How many hours a week do you and your wife spend together, jus the two of you, doing date-like things where you concentrate on each other?


----------



## EleGirl (Dec 3, 2011)

frustrated1971 said:


> She and I did not meet until we were adults.


what was the relationship with this woman? Co-worker? old girl fiend? ??


----------



## EleGirl (Dec 3, 2011)

frustrated1971 said:


> lifestooshort. You may be correct. There must be something that she needs that I am not providing. As for my behavior, I am not flirtation with other women. You are correct in your statement that she has seen that I am capable of cheating from the incident before our marriage, but my question is do I spend the rest of my life making up for something that happened in the past? I understand that she was hurt and I know that apologizing just doesn't cut the mustard. This much we have talked about. But, are you saying that I spend the rest of our life making up for something that happened so long ago. How can you focus on the future when you are constantly living according to what happen in the past. I am not dismissing what happened over 16 years ago, but I can not go back in time and change it. As for shutting down FB, I did offer and she said "no", so I have tried that. I have even cut off frequent communication with my family because she did not get along with one of my sisters. I can not say the same for her when her relatives and I did not disagree. But that is neither here nor there. I have cut off long time friendships with people I have known for over 25 years because she did not feel comfortable with me talking to them. I have even ostracized co-workers because she did not feel comfortable around them. I am not trying to sound like a victim, I just want to know when does someone decide to move forward and stop looking backwards.

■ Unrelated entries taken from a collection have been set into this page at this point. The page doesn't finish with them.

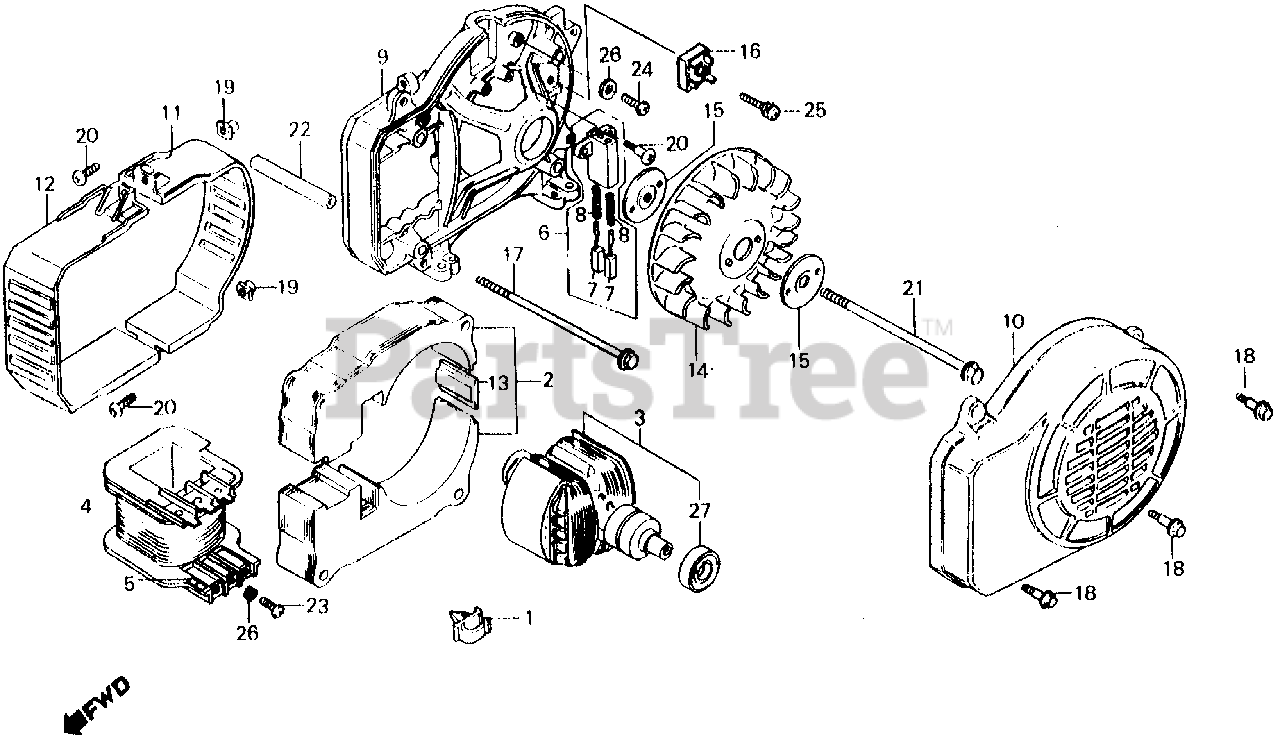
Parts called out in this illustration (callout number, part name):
1	CLAMP, D.C. CABLE
2	CORE SET, STATOR
3	ROTOR (NOT AVAILABLE)
4	BOBBIN, STATOR COIL (NOT AVAILABLE)
5	MARK, WIRE COLOR
6	HOLDER ASSY., BRUSH
8	SPRING, BRUSH
9	HOUSING, RR. (NOT AVAILABLE)
10	COVER, GENERATOR END
11	COVER, R. STATOR
12	COVER, L. STATOR
13	STIFFENER, STATOR
14	FAN, COOLING
15	PLATE, FAN
16	DIODE, D.C.
17	BOLT, FLANGE (6X144) (NOT AVAILABLE)
18	BOLT, GENERATOR END COVER
19	NUT, SPECIAL (5MM)
20	BOLT, STATOR COVER SETTING
21	BOLT, FLANGE (8X180) (NOT AVAILABLE)
22	PIN, DOWEL (11X126)
23	SCREW, PAN (5X6)
24	SCREW, PAN (5X12)
25	SCREW-WASHER (4X18)
26	WASHER, SPRING (5MM)
27	BEARING, RADIAL BALL (6203UU)

So now the issue is bigger. Not just random women you know who you communicate with on facebook. Now she has been cutting you off from everyone.

Why are you fighting for your FB friendship with this woman more than you fight for the relationships with your family?

Was anyone in your family openly attacking your wife? Were they mean to her?


----------



## AliceA (Jul 29, 2010)

It sounds like you have gotten into a habit of letting her insecurities rule your lives. She doesn't like someone, you cut them off. Now this will happen generally throughout our lives. We like harmony at home, however, if it happens too much, when one person is always giving in, shutting other people out etc, to make their spouse happy, it is unbalanced.

Now, every new contact is one she feels she needs to make a decision on, should they stay or should they go, and you are merely the spectator to her decisions.

DH cut off his mother because of something she did to me. I did not ask this of him. I was supportive of him maintaining contact if he wanted to. In your case, it seems like she is dictating to you who you are allowed to be in contact with. It should always be your choice. You did indeed have a choice to continue contact with some of those people, however, I'm guessing there would've been consequences to your marriage if you made that choice? Therefore, it's not a choice you made freely.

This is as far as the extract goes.